By Guy Carson, Clime Asset Management
Beginning with the takeover of Foodland in 2005, Metcash Limited (ASX:MTS) has continued to establish itself as the significant third player in the Australian grocery market with 19% market share (See Figure 1). Its 2009 results released last month further emphasised its significant position within the market and reaffirmed the impressive performance of management. The company reported results above their previous guidance and also above consensus analyst forecasts.
Coles (via Wesfarmers) rebuilding process, has enabled Woolworths (ASX: WOW) to push ahead as the clear number one and grow market share whilst increasing profitability.
Metcash have focused on backing independent players in niche areas that are not in direct competition with the big two. They see themselves as the champion of the independent retailer, servicing 2,500 independent retailers that operate under the brand IGA around Australia through nine strategically situated distribution centres. This strategy has enabled them to rise to prominence as the third player and has led to increased profitability for the company.
Metcash also have interests in liquor distribution and supplying convenience stores and petrol stations. Under the brand Australian Liquor Marketers, Metcash operate as a broad range liquor wholesaler that supply more than 13,000 licensed premises across Australia and New Zealand. Through its Campbells Wholesale brand, Metcash supply convenience stores and petrol stations nationwide with a broad range of groceries, liquor and confectionary.
During recent years we have seen Woolworths continue to dominate the Australian grocery market. Meanwhile, Coles have continually turned over their management team in the quest to take on Woolworths. After struggling for a number of years Coles as a standalone entity was taken over by Wesfarmers (WES:ASX) in 2008, in the short time since this transaction was completed there has been no public announcement indicating an improvement in Coles profitability.
Metcash has adopted a strategy of backing independent retailers with smaller catchments and provided them with services to enable them to retain customers within the local area. Typically these stores will not be located near a Coles or Woolworths store. Through the support they provide they enable the individual retailers to grow their businesses and as a result grow the brand. Also through this support, Metcash make it difficult for the bigger players to come in and price these independents out of business.
Through the financials in Figure 2, we can see the quality job that management have done. Return on Equity (ROE) has grown consistently over the last five years. This has come through the rollout of more stores, sensible acquisitions including Foodland and cost savings.
The NTA is low (at $0.13 per share) due to high intangibles (at $1.54 per share) coming mainly from the Foodland acquisition in 2005, however given that profitability on the back of this acquisition we considered it to have been a value creating opportunity.
Recent Results and Moving Forward
The latest results continued the trend of increasingly profitability. Market share increased slightly from 18.8% to 19% and sales therefore increased at a rate greater than the overall market. On the back of this the ROE increased to 23.5%. Management continue to payout a high proportion of the earnings and as a result the stock is yielding 7.4% on a grossed up basis.

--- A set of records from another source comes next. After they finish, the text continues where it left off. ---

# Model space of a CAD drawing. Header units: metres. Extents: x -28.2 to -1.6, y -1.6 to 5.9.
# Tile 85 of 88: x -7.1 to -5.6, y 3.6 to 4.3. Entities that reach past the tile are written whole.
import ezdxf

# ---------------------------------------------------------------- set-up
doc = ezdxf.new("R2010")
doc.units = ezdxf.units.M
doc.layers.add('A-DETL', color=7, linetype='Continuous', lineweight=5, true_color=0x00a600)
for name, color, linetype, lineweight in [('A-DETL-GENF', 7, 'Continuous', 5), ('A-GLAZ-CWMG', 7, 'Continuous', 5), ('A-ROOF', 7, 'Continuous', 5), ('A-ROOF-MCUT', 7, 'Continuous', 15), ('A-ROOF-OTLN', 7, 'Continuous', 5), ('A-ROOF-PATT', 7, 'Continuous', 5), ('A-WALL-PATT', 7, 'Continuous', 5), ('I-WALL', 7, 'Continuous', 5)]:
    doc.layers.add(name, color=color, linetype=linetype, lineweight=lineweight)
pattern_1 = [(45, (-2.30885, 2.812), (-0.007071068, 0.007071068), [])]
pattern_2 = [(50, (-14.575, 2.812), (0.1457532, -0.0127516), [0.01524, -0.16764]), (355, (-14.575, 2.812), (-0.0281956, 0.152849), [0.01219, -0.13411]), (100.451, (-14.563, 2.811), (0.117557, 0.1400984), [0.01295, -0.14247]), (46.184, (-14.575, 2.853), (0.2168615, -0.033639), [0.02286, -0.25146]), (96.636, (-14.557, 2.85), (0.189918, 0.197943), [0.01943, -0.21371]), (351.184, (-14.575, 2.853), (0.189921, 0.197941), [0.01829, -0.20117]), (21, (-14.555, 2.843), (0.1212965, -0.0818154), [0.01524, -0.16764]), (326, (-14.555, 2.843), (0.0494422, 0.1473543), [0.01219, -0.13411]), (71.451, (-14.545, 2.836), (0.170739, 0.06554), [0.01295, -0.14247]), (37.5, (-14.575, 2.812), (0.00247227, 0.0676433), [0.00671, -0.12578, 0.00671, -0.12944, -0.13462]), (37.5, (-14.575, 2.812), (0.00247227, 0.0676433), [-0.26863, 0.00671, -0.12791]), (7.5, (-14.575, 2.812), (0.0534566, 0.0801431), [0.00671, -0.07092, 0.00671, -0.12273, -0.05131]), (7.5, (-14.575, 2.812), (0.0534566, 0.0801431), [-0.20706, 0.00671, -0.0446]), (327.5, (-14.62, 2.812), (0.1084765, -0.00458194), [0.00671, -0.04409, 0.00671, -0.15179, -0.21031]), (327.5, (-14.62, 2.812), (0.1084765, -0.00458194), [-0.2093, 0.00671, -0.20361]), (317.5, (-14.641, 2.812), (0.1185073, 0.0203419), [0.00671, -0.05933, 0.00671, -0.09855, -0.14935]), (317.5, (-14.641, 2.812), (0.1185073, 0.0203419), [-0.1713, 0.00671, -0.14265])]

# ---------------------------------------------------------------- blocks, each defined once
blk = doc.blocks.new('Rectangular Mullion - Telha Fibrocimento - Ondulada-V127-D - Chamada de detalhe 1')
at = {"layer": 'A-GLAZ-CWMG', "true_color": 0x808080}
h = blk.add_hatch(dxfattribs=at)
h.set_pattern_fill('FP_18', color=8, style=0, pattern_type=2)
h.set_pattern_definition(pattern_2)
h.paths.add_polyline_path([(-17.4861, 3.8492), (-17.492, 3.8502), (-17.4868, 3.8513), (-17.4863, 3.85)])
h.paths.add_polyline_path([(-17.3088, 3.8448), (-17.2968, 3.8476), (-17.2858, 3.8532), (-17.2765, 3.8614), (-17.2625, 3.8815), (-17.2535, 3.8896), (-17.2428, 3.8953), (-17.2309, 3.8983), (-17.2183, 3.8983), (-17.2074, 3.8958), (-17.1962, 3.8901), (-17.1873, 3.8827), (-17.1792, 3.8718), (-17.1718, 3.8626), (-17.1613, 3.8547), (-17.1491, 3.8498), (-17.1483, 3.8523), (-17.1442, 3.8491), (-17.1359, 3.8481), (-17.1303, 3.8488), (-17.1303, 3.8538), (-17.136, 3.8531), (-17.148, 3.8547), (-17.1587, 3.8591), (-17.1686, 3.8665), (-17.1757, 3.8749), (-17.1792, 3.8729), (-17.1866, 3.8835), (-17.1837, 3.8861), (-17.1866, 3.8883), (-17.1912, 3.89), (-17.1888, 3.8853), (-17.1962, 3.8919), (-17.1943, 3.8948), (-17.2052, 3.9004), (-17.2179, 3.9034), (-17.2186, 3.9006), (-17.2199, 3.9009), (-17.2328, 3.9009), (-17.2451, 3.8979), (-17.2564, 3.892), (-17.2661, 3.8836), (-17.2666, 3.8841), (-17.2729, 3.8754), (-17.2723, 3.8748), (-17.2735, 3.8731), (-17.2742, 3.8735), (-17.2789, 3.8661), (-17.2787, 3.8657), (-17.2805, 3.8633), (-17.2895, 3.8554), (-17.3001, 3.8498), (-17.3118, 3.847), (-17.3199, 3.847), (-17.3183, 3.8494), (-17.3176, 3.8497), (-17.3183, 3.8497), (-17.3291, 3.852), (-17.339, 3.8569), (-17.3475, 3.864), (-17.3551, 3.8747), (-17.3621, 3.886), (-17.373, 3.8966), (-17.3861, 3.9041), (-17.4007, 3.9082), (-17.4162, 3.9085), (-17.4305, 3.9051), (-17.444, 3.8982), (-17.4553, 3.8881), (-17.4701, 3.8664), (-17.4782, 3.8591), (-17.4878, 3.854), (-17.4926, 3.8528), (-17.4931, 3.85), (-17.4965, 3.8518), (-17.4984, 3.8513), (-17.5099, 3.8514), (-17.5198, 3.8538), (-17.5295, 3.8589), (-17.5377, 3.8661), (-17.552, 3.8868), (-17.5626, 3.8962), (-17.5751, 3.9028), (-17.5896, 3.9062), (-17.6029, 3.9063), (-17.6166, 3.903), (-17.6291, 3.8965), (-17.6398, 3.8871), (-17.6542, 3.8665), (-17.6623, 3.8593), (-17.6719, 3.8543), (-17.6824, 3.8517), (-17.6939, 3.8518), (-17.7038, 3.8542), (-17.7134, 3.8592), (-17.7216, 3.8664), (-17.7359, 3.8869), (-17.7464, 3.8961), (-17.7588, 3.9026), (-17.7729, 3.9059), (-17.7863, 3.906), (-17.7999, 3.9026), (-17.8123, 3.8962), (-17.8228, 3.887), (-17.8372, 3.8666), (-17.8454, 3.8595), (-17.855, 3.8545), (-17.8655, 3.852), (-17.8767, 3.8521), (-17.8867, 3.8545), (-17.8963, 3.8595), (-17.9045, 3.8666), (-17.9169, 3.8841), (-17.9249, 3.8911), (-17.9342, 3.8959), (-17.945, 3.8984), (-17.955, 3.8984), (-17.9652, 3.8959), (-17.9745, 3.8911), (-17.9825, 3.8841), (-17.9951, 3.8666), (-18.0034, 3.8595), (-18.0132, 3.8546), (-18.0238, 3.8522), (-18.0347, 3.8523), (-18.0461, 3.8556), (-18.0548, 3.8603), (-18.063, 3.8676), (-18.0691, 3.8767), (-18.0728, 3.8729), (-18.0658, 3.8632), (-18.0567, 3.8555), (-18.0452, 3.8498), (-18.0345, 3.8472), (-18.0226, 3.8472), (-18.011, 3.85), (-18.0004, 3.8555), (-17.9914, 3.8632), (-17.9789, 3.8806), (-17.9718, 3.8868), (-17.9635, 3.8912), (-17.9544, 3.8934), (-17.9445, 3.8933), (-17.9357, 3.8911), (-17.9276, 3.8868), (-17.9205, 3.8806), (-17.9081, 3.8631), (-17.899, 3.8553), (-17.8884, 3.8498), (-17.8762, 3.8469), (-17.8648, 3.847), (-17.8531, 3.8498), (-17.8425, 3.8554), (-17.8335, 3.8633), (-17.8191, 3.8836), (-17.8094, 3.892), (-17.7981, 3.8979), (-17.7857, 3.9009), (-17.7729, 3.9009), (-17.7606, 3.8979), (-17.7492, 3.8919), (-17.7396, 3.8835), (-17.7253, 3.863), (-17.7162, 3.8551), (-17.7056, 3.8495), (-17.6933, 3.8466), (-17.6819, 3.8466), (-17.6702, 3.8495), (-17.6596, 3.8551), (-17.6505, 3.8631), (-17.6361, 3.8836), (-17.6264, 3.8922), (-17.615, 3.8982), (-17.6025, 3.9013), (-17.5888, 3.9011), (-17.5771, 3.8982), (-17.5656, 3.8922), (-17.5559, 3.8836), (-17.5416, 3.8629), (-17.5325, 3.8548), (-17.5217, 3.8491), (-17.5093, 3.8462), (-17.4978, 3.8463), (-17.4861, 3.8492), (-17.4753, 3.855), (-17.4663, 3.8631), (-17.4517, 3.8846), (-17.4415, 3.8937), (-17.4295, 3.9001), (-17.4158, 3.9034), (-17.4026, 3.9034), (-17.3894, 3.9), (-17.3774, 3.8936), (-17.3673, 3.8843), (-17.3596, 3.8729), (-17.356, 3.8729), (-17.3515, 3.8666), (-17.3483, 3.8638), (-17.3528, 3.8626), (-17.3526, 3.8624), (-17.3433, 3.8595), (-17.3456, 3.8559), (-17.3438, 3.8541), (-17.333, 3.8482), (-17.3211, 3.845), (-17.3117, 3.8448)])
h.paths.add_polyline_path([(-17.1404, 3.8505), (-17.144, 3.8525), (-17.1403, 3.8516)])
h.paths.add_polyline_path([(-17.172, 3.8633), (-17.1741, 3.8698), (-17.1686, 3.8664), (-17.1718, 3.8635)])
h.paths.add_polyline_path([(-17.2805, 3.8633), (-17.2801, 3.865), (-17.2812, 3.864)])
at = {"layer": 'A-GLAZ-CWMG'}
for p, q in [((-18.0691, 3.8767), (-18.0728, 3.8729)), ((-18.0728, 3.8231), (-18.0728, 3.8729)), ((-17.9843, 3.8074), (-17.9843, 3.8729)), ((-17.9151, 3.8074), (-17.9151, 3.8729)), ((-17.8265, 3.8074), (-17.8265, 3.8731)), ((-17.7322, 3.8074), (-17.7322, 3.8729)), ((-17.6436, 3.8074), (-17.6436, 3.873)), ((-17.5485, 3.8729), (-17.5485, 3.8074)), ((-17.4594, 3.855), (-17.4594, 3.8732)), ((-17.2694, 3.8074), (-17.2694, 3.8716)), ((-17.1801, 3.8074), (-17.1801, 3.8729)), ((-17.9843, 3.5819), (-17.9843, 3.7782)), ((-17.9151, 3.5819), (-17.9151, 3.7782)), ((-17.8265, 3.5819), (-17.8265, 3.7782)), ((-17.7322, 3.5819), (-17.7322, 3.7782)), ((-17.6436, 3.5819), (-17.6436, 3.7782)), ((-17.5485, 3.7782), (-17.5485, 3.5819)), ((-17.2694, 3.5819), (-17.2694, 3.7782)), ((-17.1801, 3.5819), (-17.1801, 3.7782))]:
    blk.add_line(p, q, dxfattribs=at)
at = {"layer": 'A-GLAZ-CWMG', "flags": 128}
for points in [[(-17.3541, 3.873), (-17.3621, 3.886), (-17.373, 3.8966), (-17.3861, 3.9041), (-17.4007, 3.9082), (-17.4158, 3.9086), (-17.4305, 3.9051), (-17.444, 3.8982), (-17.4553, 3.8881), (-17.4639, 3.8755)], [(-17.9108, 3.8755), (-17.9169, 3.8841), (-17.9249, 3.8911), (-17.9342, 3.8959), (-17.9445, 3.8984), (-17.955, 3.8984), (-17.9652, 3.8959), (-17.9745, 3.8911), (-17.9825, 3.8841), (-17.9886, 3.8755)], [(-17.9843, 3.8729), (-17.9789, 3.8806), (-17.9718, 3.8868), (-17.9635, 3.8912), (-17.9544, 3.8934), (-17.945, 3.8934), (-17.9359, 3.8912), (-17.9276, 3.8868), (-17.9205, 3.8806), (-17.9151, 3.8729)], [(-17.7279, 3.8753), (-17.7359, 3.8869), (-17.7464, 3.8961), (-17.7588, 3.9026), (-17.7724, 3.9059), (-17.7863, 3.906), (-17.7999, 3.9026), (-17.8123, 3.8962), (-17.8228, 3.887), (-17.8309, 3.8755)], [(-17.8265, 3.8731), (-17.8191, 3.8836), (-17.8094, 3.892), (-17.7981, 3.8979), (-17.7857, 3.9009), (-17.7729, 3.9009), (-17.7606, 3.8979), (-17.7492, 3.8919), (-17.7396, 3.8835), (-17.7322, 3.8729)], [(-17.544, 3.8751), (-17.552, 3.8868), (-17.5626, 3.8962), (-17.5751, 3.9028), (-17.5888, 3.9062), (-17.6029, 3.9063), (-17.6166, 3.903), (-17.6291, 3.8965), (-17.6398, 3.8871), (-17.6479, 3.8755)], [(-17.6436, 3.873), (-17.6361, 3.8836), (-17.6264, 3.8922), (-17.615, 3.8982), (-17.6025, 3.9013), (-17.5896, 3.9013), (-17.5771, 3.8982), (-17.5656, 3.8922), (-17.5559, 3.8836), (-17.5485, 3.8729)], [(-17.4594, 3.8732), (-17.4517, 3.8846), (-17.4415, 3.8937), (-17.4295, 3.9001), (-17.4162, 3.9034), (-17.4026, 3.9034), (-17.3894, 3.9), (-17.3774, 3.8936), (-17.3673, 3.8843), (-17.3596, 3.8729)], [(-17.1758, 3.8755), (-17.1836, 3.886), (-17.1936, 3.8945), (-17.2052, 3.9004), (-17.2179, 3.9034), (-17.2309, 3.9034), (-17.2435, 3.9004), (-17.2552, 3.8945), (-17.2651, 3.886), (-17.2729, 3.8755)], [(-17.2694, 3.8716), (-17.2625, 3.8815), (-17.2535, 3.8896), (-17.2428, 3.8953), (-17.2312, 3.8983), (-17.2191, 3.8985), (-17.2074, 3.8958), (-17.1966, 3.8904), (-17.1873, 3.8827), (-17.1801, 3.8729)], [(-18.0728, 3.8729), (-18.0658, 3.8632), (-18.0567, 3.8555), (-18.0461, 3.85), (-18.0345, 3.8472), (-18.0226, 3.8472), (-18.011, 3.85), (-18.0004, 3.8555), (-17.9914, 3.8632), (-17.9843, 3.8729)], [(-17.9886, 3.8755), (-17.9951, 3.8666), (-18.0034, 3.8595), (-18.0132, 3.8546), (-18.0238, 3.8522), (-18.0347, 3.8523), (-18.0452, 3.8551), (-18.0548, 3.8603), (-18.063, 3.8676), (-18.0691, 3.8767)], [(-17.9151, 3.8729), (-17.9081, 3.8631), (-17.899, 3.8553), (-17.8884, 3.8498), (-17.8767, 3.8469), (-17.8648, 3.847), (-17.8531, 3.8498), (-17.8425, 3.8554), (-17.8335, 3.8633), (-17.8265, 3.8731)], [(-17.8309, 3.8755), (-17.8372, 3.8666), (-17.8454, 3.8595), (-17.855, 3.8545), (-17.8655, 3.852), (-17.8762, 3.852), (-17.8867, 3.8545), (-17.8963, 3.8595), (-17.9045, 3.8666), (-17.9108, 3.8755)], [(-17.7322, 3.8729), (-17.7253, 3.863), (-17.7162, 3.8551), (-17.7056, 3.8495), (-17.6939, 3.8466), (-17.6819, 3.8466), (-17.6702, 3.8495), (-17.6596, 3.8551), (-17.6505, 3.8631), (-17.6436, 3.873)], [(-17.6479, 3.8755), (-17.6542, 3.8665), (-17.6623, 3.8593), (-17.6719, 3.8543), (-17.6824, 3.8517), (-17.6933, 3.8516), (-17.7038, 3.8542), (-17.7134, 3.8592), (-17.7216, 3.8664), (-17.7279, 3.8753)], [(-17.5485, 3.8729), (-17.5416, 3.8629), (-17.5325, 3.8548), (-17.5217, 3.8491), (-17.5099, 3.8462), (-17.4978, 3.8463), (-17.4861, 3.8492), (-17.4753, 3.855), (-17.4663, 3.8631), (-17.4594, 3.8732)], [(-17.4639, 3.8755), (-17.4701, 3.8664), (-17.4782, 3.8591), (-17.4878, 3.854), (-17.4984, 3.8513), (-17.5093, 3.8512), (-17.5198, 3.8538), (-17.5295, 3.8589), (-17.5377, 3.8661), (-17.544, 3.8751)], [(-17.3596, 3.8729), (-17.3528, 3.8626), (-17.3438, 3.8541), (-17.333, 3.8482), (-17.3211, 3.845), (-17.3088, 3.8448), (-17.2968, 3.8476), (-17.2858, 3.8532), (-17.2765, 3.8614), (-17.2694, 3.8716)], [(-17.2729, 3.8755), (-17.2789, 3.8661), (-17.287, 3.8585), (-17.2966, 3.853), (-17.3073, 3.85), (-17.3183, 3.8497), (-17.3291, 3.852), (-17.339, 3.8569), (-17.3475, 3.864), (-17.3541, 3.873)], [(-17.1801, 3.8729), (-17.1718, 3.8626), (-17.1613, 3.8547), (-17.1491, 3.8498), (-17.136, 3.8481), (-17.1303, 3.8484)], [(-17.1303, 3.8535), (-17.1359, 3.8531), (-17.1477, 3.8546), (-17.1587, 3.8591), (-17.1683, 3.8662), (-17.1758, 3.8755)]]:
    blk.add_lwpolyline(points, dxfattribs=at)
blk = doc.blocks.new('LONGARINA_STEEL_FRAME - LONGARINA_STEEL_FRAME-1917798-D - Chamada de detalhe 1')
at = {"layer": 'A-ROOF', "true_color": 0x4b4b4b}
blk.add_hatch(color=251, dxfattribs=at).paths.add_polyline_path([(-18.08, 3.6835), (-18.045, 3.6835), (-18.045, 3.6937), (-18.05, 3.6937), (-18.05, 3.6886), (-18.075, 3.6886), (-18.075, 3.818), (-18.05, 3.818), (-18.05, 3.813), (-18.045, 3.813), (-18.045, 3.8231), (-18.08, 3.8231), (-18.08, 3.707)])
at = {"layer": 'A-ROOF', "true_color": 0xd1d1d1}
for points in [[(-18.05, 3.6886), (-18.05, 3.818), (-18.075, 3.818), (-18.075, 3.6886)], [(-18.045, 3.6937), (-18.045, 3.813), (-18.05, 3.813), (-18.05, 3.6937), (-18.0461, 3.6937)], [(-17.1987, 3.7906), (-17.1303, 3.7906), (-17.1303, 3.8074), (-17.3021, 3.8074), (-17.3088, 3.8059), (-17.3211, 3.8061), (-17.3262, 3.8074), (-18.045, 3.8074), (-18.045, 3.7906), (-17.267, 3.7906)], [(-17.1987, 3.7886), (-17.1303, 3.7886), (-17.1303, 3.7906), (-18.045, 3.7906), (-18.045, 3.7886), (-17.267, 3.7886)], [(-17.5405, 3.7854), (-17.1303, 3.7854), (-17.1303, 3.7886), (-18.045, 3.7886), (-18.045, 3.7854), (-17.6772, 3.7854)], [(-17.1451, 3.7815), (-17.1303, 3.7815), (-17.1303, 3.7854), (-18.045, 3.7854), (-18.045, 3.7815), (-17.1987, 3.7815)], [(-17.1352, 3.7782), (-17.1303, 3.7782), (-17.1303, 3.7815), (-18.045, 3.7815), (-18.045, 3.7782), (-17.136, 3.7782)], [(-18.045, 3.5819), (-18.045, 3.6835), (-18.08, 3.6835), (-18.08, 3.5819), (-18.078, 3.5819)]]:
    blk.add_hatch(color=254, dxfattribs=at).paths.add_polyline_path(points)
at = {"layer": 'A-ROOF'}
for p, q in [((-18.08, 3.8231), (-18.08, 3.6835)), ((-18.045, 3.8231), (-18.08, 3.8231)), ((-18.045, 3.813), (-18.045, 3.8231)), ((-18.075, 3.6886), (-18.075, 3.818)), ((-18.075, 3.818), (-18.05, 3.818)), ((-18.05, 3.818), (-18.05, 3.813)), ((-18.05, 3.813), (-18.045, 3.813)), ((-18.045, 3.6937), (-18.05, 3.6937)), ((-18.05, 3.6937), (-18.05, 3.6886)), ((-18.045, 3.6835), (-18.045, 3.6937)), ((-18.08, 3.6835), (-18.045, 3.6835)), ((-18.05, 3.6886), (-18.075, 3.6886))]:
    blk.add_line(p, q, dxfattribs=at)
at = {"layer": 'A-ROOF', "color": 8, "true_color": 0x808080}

This latest result also highlights the defensive nature of the company and the grocery industry. Even when the economy is tough and recession appears eminent, consumers will continue to eat and drink and therefore supermarkets will continue to trade. Given this we view the stock as very low risk and believe there is very little chance of downside to the earnings and the dividend.
Current gearing levels are comfortable with net debt to equity at 38.9%. With the defensive nature of the earnings and the plan to roll out more stores, Metcash can easily take on more debt to fund growth plans.
Management have given guidance for 2010 earnings per share (EPS) to be 7-10% higher than 2009. On current closing equity this equates to a ROE of 25%, continuing the upwards trend we have seen over the last five years. We expect this to trend higher over the coming years as management continue to scale the business. Woolworths has consistently had an ROE in the high 30’s for the last five years. Thus, given the differences in business models and the realisation that Metcash will never get to the market position of Woolworths, we would expect that Metcash would be unlikely to achieve a similar level of profitability. We expect that 25% ROE would be sustainable and that there is upside to this figure in the next two to three years.
Metcash meets our criteria as a quality company. It has strong defensive characteristics and the management has done a great job in improving the profitability of the company over the last five years. This gives us confidence in the performance of the business going. However, in our view the market is currently pricing the stock fully.